The Big Apple at Colborne. Over 2 million pies sold. Through Trenton I whistled a few bars of In the Mood, passing by Glenn Miller Rd. and thought about the one gig I played at CFB Trenton. Belleville and the Bay of Quinte, other gigs, and Al Purdy mooning around. On to Napanee, home of a doe-eyed waitress I once knew who worked, in fact, at that same Bavarian restaurant. During that same Trenton trip, we actually did the Highway 2 Kingston Road scenic version. I always loved that Kingston Road in Toronto was in fact the road to Kingston. “Here,” you could say, “Get on this road, follow it all the way and you’ll end up in what might have been the capital of Canada.”
And we’re getting there. Stop for gas in Napanee, the cheapest along the entire route. A nod to Prince Edward County, the occasional view of Lake Ontario. See the sign for Sharbot Lake where my buddhabuddy Lynn now lives in rustic simplicity and relative solitude. I would have phoned her but discovered I neglected to load her number into the cell phone. By the map, it looks like a hell of drive north from the 401, but I’m sure she’s said it’s only about an hour.
And Kingston. Raise a glass to Sir John A. More gigs here. In particular one we played at Queens for homecoming, along with a band called Phil ‘n’ the Blanks, who, as of a couple years ago, were still gigging. We all got very drunk along with purple and yellow face-painted froshes, and went to a greasy pizza joint in downtown Kingston where the keyboard player from the other band demonstrated that he could touch his Adam’s Apple with his tongue. Ahh, those were the days.
Let us not forget that this is also Prison Alley, from Warkworth up there in Campbellford, to Collins Bay to Kingston (where I got yelled at for taking pictures of that musty old pile of bricks and broken hearts) to Joyceville.
Cruising out of Kingston I pondered the sight of the old City Hall and its farmers’ market in the back yard. Lunchbucket used to have one of those. Now, it’s Your Farmers’ Market, if you please. Anyway…the highway reminds us that we live in a land of granite and pines. Explosives. Whether you’re blowing the gates to the Kingston Pen or the Gateway to the East.
Here comes Gananoque and the Thousand Islands. I counted five of them.
And Brockville, hometown of Xena the Kayak Princess, where I caught a fleeting glimpse of the St. Lawrence. Prescott, which in latter days has bad connotations. Iroquois with its strange First Nations vibe.
The last stretch is long and straight and nondescript. It’s a headlong rush to Montreal, really. But you notice that the transports begin to have more French names on them. And Quebec license plates. And Maine, Vermont, Massachusetts. See, that’s different! In our neck of the woods it’s New York and Michigan.
Cornwall? What do I know? I drove on three streets in Cornwall: McConnell, Marleau and Campbell. In and out. It’s what couriers do. All the streets in Cornwall are French and English. Everyone I spoke to, three people I think, spoke English, though one only barely because he arrived from Pakistan only three weeks ago.

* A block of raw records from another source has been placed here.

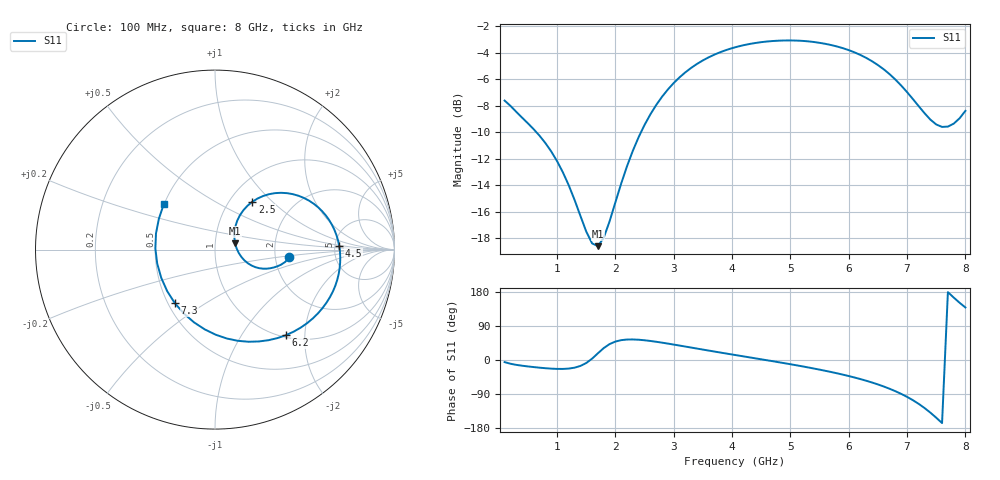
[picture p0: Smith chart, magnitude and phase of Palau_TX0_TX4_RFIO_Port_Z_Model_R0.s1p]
! Created Wed Jul  8 17:57:20 2020
! Palau TX0/TX4 RFIO Port Impedance Model.
! Revision		: R0.
! Impedance Mode 	: Balanced Differential-Mode.
! Impedance Format 	: Series Equivalent Differential Impedance (SEDZ).
# hz S ma R 50
! 1 Port Network Data from SP1.SP block
! freq  magS11  angS11
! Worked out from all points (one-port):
!   80 points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, 100 MHz to 8 GHz, reference 50 ohm
!   lowest |S11| = -18.6 dB at 1.7 GHz (marker M1), VSWR 1.27, Z = 62.4 + j4.54 ohm
!   |S11| at or under -10 dB: 645.5 MHz to 2.438 GHz (1.793 GHz wide, 116 % of centre)
!   S11 on the Smith chart (normalised r, x): 100 MHz: 2.40, -0.23; 2.5 GHz: 1.27, +0.76; 4.5 GHz: 5.45, +0.47; 6.2 GHz: 1.04, -1.61; 7.3 GHz: 0.54, -0.38; 8 GHz: 0.50, +0.29
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1e8  0.4164 -5.6
3e8  0.3777 -12.8
5e8  0.3417 -17.0
8e8  0.2877 -21.7
1.1e9  0.2231 -23.5
1.5e9  0.1334 -7.9
1.6e9  0.1204 3.6
1.7e9  0.1175 17.8
1.8e9  0.1265 31.5
2.1e9  0.2029 52.4
2.5e9  0.3373 52.1
2.8e9  0.4309 45.7
3.1e9  0.5099 38.1
3.6e9  0.6068 24.8
4.1e9  0.6661 12.0
4.5e9  0.6921 1.8
5.1e9  0.7016 -13.9
5.6e9  0.6819 -28.5
6.1e9  0.6332 -46.2
6.2e9  0.6192 -50.4
6.5e9  0.5672 -64.5
6.7e9  0.5241 -75.9
6.9e9  0.4745 -89.5
7.1e9  0.422 -106.0
7.3e9  0.3732 -126.8
7.5e9  0.3384 -152.3
7.7e9  0.3322 179.1
8e9  0.3809 138.6

And so home. I ran the reminiscences in reverse. Stopped for a sub in Brockville and gas again in Napanee. Just over 1100 kilometres. Eleven hours there and back. And a half tank of gas from Napanee to Lunchbucket.
1 comment:
Ah, that was quite the journey. In paper as well as mind. And of course road. I know that route well, having travelled it many time to visit parents, and then almost every weekend there for a while when life delivered the one-two punch with sick mom and dad. I love driving the 401 - call me weird. But on a clear day, and it is smooth sailing, there's almost a hint of wind in the hair (and definitely wind in the hair if your air conditioning doesn't work, and you've rolled down your window). Now that Mom and Dad are dead, there's little to call me to that area as often - but I do intend to go soon. To the 1000 Islands - which has many more than a thousand islands in reality. They are amazing, and plentiful - too bad you only saw five!